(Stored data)
↓↓↓
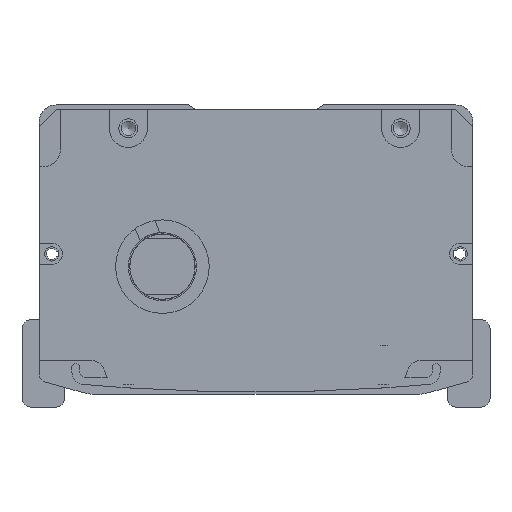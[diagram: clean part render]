
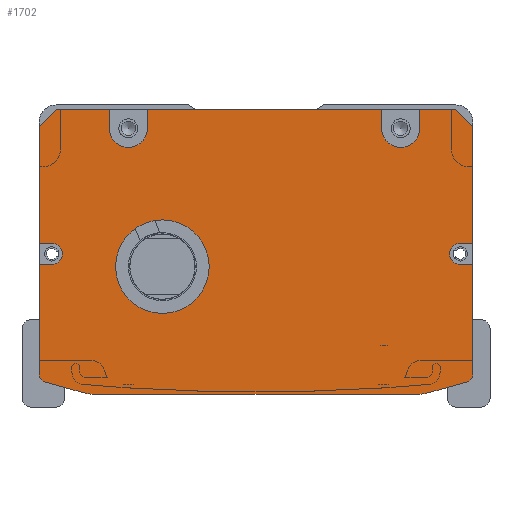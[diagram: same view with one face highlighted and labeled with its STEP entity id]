
A CAD part, front view. The second image highlights one B-rep face of the part: STEP entity #1702.
In plain terms, the highlighted planar face has unit normal (0, -1, 0).
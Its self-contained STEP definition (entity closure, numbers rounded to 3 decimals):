
#1014=FACE_BOUND('',#3192,.T.);
#1015=FACE_BOUND('',#3193,.T.);
#1702=ADVANCED_FACE('',(#1014,#1015),#2327,.F.);
#2327=PLANE('',#12171);
#3192=EDGE_LOOP('',(#5623,#5624,#5625,#5626,#5627,#5628,#5629,#5630,#5631,
#5632,#5633,#5634,#5635,#5636,#5637,#5638,#5639,#5640,#5641,#5642,#5643,
#5644,#5645,#5646,#5647,#5648,#5649,#5650));
#3193=EDGE_LOOP('',(#5651));
#4199=CIRCLE('',#12162,4.5);
#4200=CIRCLE('',#12163,4.5);
#4201=CIRCLE('',#12164,2.5);
#4202=CIRCLE('',#12165,2.);
#4203=CIRCLE('',#12166,10.);
#4204=CIRCLE('',#12167,10.);
#4205=CIRCLE('',#12168,2.);
#4206=CIRCLE('',#12169,2.5);
#4207=CIRCLE('',#12170,11.);
#5623=ORIENTED_EDGE('',*,*,#9032,.T.);
#5624=ORIENTED_EDGE('',*,*,#9452,.T.);
#5625=ORIENTED_EDGE('',*,*,#9453,.T.);
#5626=ORIENTED_EDGE('',*,*,#9454,.F.);
#5627=ORIENTED_EDGE('',*,*,#9455,.T.);
#5628=ORIENTED_EDGE('',*,*,#9456,.F.);
#5629=ORIENTED_EDGE('',*,*,#9457,.T.);
#5630=ORIENTED_EDGE('',*,*,#9458,.F.);
#5631=ORIENTED_EDGE('',*,*,#9459,.T.);
#5632=ORIENTED_EDGE('',*,*,#9460,.F.);
#5633=ORIENTED_EDGE('',*,*,#9461,.T.);
#5634=ORIENTED_EDGE('',*,*,#9462,.T.);
#5635=ORIENTED_EDGE('',*,*,#9064,.T.);
#5636=ORIENTED_EDGE('',*,*,#9463,.T.);
#5637=ORIENTED_EDGE('',*,*,#9464,.T.);
#5638=ORIENTED_EDGE('',*,*,#9465,.T.);
#5639=ORIENTED_EDGE('',*,*,#9060,.T.);
#5640=ORIENTED_EDGE('',*,*,#9466,.T.);
#5641=ORIENTED_EDGE('',*,*,#9467,.T.);
#5642=ORIENTED_EDGE('',*,*,#9468,.T.);
#5643=ORIENTED_EDGE('',*,*,#9469,.T.);
#5644=ORIENTED_EDGE('',*,*,#9470,.T.);
#5645=ORIENTED_EDGE('',*,*,#9471,.T.);
#5646=ORIENTED_EDGE('',*,*,#9472,.T.);
#5647=ORIENTED_EDGE('',*,*,#9036,.T.);
#5648=ORIENTED_EDGE('',*,*,#9473,.T.);
#5649=ORIENTED_EDGE('',*,*,#9474,.T.);
#5650=ORIENTED_EDGE('',*,*,#9475,.T.);
#5651=ORIENTED_EDGE('',*,*,#9476,.T.);
#7876=VERTEX_POINT('',#16794);
#7877=VERTEX_POINT('',#16796);
#7880=VERTEX_POINT('',#16802);
#7881=VERTEX_POINT('',#16804);
#7902=VERTEX_POINT('',#16849);
#7903=VERTEX_POINT('',#16851);
#7906=VERTEX_POINT('',#16857);
#7907=VERTEX_POINT('',#16859);
#8174=VERTEX_POINT('',#17660);
#8175=VERTEX_POINT('',#17662);
#8176=VERTEX_POINT('',#17664);
#8177=VERTEX_POINT('',#17666);
#8178=VERTEX_POINT('',#17668);
#8179=VERTEX_POINT('',#17670);
#8180=VERTEX_POINT('',#17672);
#8181=VERTEX_POINT('',#17674);
#8182=VERTEX_POINT('',#17676);
#8183=VERTEX_POINT('',#17678);
#8184=VERTEX_POINT('',#17681);
#8185=VERTEX_POINT('',#17683);
#8186=VERTEX_POINT('',#17686);
#8187=VERTEX_POINT('',#17688);
#8188=VERTEX_POINT('',#17690);
#8189=VERTEX_POINT('',#17692);
#8190=VERTEX_POINT('',#17694);
#8191=VERTEX_POINT('',#17696);
#8192=VERTEX_POINT('',#17699);
#8193=VERTEX_POINT('',#17701);
#8194=VERTEX_POINT('',#17704);
#9032=EDGE_CURVE('',#7877,#7876,#10493,.T.);
#9036=EDGE_CURVE('',#7881,#7880,#10497,.T.);
#9060=EDGE_CURVE('',#7903,#7902,#10521,.T.);
#9064=EDGE_CURVE('',#7907,#7906,#10525,.T.);
#9452=EDGE_CURVE('',#7876,#8174,#10758,.T.);
#9453=EDGE_CURVE('',#8174,#8175,#10759,.T.);
#9454=EDGE_CURVE('',#8176,#8175,#10760,.T.);
#9455=EDGE_CURVE('',#8176,#8177,#4199,.T.);
#9456=EDGE_CURVE('',#8178,#8177,#10761,.T.);
#9457=EDGE_CURVE('',#8178,#8179,#10762,.T.);
#9458=EDGE_CURVE('',#8180,#8179,#10763,.T.);
#9459=EDGE_CURVE('',#8180,#8181,#4200,.T.);
#9460=EDGE_CURVE('',#8182,#8181,#10764,.T.);
#9461=EDGE_CURVE('',#8182,#8183,#10765,.T.);
#9462=EDGE_CURVE('',#8183,#7907,#10766,.T.);
#9463=EDGE_CURVE('',#7906,#8184,#10767,.T.);
#9464=EDGE_CURVE('',#8184,#8185,#4201,.T.);
#9465=EDGE_CURVE('',#8185,#7903,#10768,.T.);
#9466=EDGE_CURVE('',#7902,#8186,#4202,.T.);
#9467=EDGE_CURVE('',#8186,#8187,#10769,.T.);
#9468=EDGE_CURVE('',#8187,#8188,#4203,.T.);
#9469=EDGE_CURVE('',#8188,#8189,#10770,.T.);
#9470=EDGE_CURVE('',#8189,#8190,#4204,.T.);
#9471=EDGE_CURVE('',#8190,#8191,#10771,.T.);
#9472=EDGE_CURVE('',#8191,#7881,#4205,.T.);
#9473=EDGE_CURVE('',#7880,#8192,#10772,.T.);
#9474=EDGE_CURVE('',#8192,#8193,#4206,.T.);
#9475=EDGE_CURVE('',#8193,#7877,#10773,.T.);
#9476=EDGE_CURVE('',#8194,#8194,#4207,.T.);
#10493=LINE('',#16795,#11146);
#10497=LINE('',#16803,#11150);
#10521=LINE('',#16850,#11174);
#10525=LINE('',#16858,#11178);
#10758=LINE('',#17659,#11411);
#10759=LINE('',#17661,#11412);
#10760=LINE('',#17663,#11413);
#10761=LINE('',#17667,#11414);
#10762=LINE('',#17669,#11415);
#10763=LINE('',#17671,#11416);
#10764=LINE('',#17675,#11417);
#10765=LINE('',#17677,#11418);
#10766=LINE('',#17679,#11419);
#10767=LINE('',#17680,#11420);
#10768=LINE('',#17684,#11421);
#10769=LINE('',#17687,#11422);
#10770=LINE('',#17691,#11423);
#10771=LINE('',#17695,#11424);
#10772=LINE('',#17698,#11425);
#10773=LINE('',#17702,#11426);
#11146=VECTOR('',#13404,1.);
#11150=VECTOR('',#13408,1.);
#11174=VECTOR('',#13434,1.);
#11178=VECTOR('',#13438,1.);
#11411=VECTOR('',#14273,1.);
#11412=VECTOR('',#14274,1.);
#11413=VECTOR('',#14275,1.);
#11414=VECTOR('',#14278,1.);
#11415=VECTOR('',#14279,1.);
#11416=VECTOR('',#14280,1.);
#11417=VECTOR('',#14283,1.);
#11418=VECTOR('',#14284,1.);
#11419=VECTOR('',#14285,1.);
#11420=VECTOR('',#14286,1.);
#11421=VECTOR('',#14289,1.);
#11422=VECTOR('',#14292,1.);
#11423=VECTOR('',#14295,1.);
#11424=VECTOR('',#14298,1.);
#11425=VECTOR('',#14301,1.);
#11426=VECTOR('',#14304,1.);
#12162=AXIS2_PLACEMENT_3D('',#17665,#14276,#14277);
#12163=AXIS2_PLACEMENT_3D('',#17673,#14281,#14282);
#12164=AXIS2_PLACEMENT_3D('',#17682,#14287,#14288);
#12165=AXIS2_PLACEMENT_3D('',#17685,#14290,#14291);
#12166=AXIS2_PLACEMENT_3D('',#17689,#14293,#14294);
#12167=AXIS2_PLACEMENT_3D('',#17693,#14296,#14297);
#12168=AXIS2_PLACEMENT_3D('',#17697,#14299,#14300);
#12169=AXIS2_PLACEMENT_3D('',#17700,#14302,#14303);
#12170=AXIS2_PLACEMENT_3D('',#17703,#14305,#14306);
#12171=AXIS2_PLACEMENT_3D('',#17705,#14307,#14308);
#13404=DIRECTION('',(0.,0.,1.));
#13408=DIRECTION('',(0.,0.,1.));
#13434=DIRECTION('',(0.,0.,-1.));
#13438=DIRECTION('',(0.,0.,-1.));
#14273=DIRECTION('',(-0.707,0.,0.707));
#14274=DIRECTION('',(-1.,0.,0.));
#14275=DIRECTION('',(0.,0.,1.));
#14276=DIRECTION('',(0.,1.,0.));
#14277=DIRECTION('',(0.,0.,1.));
#14278=DIRECTION('',(0.,0.,-1.));
#14279=DIRECTION('',(-1.,0.,0.));
#14280=DIRECTION('',(0.,0.,1.));
#14281=DIRECTION('',(0.,1.,0.));
#14282=DIRECTION('',(0.,0.,1.));
#14283=DIRECTION('',(0.,0.,-1.));
#14284=DIRECTION('',(-1.,0.,0.));
#14285=DIRECTION('',(-0.707,0.,-0.707));
#14286=DIRECTION('',(1.,0.,0.));
#14287=DIRECTION('',(0.,1.,0.));
#14288=DIRECTION('',(0.,0.,1.));
#14289=DIRECTION('',(-1.,0.,0.));
#14290=DIRECTION('',(0.,-1.,0.));
#14291=DIRECTION('',(0.,0.,1.));
#14292=DIRECTION('',(0.963,0.,-0.269));
#14293=DIRECTION('',(0.,-1.,0.));
#14294=DIRECTION('',(0.,0.,1.));
#14295=DIRECTION('',(1.,0.,0.));
#14296=DIRECTION('',(0.,-1.,0.));
#14297=DIRECTION('',(0.,0.,-1.));
#14298=DIRECTION('',(0.963,0.,0.269));
#14299=DIRECTION('',(0.,-1.,0.));
#14300=DIRECTION('',(0.,0.,-1.));
#14301=DIRECTION('',(-1.,0.,0.));
#14302=DIRECTION('',(0.,1.,0.));
#14303=DIRECTION('',(0.,0.,1.));
#14304=DIRECTION('',(1.,0.,0.));
#14305=DIRECTION('',(0.,1.,0.));
#14306=DIRECTION('',(0.,0.,1.));
#14307=DIRECTION('',(0.,1.,0.));
#14308=DIRECTION('',(1.,0.,0.));
#16794=CARTESIAN_POINT('',(47.808,-907.5,-5.));
#16795=CARTESIAN_POINT('',(47.808,-907.5,-1.));
#16796=CARTESIAN_POINT('',(47.808,-907.5,-32.5));
#16802=CARTESIAN_POINT('',(47.808,-907.5,-37.5));
#16803=CARTESIAN_POINT('',(47.808,-907.5,-1.));
#16804=CARTESIAN_POINT('',(47.808,-907.5,-63.212));
#16849=CARTESIAN_POINT('',(-54.192,-907.5,-63.212));
#16850=CARTESIAN_POINT('',(-54.192,-907.5,-62.));
#16851=CARTESIAN_POINT('',(-54.192,-907.5,-37.5));
#16857=CARTESIAN_POINT('',(-54.192,-907.5,-32.5));
#16858=CARTESIAN_POINT('',(-54.192,-907.5,-62.));
#16859=CARTESIAN_POINT('',(-54.192,-907.5,-5.));
#17659=CARTESIAN_POINT('',(43.808,-907.5,-1.));
#17660=CARTESIAN_POINT('',(43.808,-907.5,-1.));
#17661=CARTESIAN_POINT('',(-3.192,-907.5,-1.));
#17662=CARTESIAN_POINT('',(35.308,-907.5,-1.));
#17663=CARTESIAN_POINT('',(35.308,-907.5,-1.));
#17664=CARTESIAN_POINT('',(35.308,-907.5,-5.5));
#17665=CARTESIAN_POINT('',(30.808,-907.5,-5.5));
#17666=CARTESIAN_POINT('',(26.308,-907.5,-5.5));
#17667=CARTESIAN_POINT('',(26.308,-907.5,-1.));
#17668=CARTESIAN_POINT('',(26.308,-907.5,-1.));
#17669=CARTESIAN_POINT('',(-54.192,-907.5,-1.));
#17670=CARTESIAN_POINT('',(-28.692,-907.5,-1.));
#17671=CARTESIAN_POINT('',(-28.692,-907.5,-3.5));
#17672=CARTESIAN_POINT('',(-28.692,-907.5,-5.5));
#17673=CARTESIAN_POINT('',(-33.192,-907.5,-5.5));
#17674=CARTESIAN_POINT('',(-37.692,-907.5,-5.5));
#17675=CARTESIAN_POINT('',(-37.692,-907.5,-1.));
#17676=CARTESIAN_POINT('',(-37.692,-907.5,-1.));
#17677=CARTESIAN_POINT('',(-54.192,-907.5,-1.));
#17678=CARTESIAN_POINT('',(-50.192,-907.5,-1.));
#17679=CARTESIAN_POINT('',(-54.192,-907.5,-5.));
#17680=CARTESIAN_POINT('',(-3.192,-907.5,-32.5));
#17681=CARTESIAN_POINT('',(-51.192,-907.5,-32.5));
#17682=CARTESIAN_POINT('',(-51.192,-907.5,-35.));
#17683=CARTESIAN_POINT('',(-51.192,-907.5,-37.5));
#17684=CARTESIAN_POINT('',(-3.192,-907.5,-37.5));
#17685=CARTESIAN_POINT('',(-52.192,-907.5,-63.212));
#17686=CARTESIAN_POINT('',(-52.731,-907.5,-65.138));
#17687=CARTESIAN_POINT('',(-55.807,-907.5,-64.279));
#17688=CARTESIAN_POINT('',(-43.809,-907.5,-67.631));
#17689=CARTESIAN_POINT('',(-41.118,-907.5,-58.));
#17690=CARTESIAN_POINT('',(-41.118,-907.5,-68.));
#17691=CARTESIAN_POINT('',(-54.692,-907.5,-68.));
#17692=CARTESIAN_POINT('',(34.733,-907.5,-68.));
#17693=CARTESIAN_POINT('',(34.733,-907.5,-58.));
#17694=CARTESIAN_POINT('',(37.424,-907.5,-67.631));
#17695=CARTESIAN_POINT('',(49.422,-907.5,-64.279));
#17696=CARTESIAN_POINT('',(46.346,-907.5,-65.138));
#17697=CARTESIAN_POINT('',(45.808,-907.5,-63.212));
#17698=CARTESIAN_POINT('',(-3.192,-907.5,-37.5));
#17699=CARTESIAN_POINT('',(44.808,-907.5,-37.5));
#17700=CARTESIAN_POINT('',(44.808,-907.5,-35.));
#17701=CARTESIAN_POINT('',(44.808,-907.5,-32.5));
#17702=CARTESIAN_POINT('',(-3.192,-907.5,-32.5));
#17703=CARTESIAN_POINT('',(-25.192,-907.5,-38.));
#17704=CARTESIAN_POINT('',(-25.192,-907.5,-27.));
#17705=CARTESIAN_POINT('',(-3.192,-907.5,-1.));
↑↑↑
## Exercise description
Starting with the line that holds "#9454=EDGE_CURVE('',#8176,#8175,#10760,.T.);" and ending with the line that holds "#9463=EDGE_CURVE('',#7906,#8184,#10767,.T.);", retype every line in the data above exactly, and nothing else.

## Answer to the problem
#9454=EDGE_CURVE('',#8176,#8175,#10760,.T.);
#9455=EDGE_CURVE('',#8176,#8177,#4199,.T.);
#9456=EDGE_CURVE('',#8178,#8177,#10761,.T.);
#9457=EDGE_CURVE('',#8178,#8179,#10762,.T.);
#9458=EDGE_CURVE('',#8180,#8179,#10763,.T.);
#9459=EDGE_CURVE('',#8180,#8181,#4200,.T.);
#9460=EDGE_CURVE('',#8182,#8181,#10764,.T.);
#9461=EDGE_CURVE('',#8182,#8183,#10765,.T.);
#9462=EDGE_CURVE('',#8183,#7907,#10766,.T.);
#9463=EDGE_CURVE('',#7906,#8184,#10767,.T.);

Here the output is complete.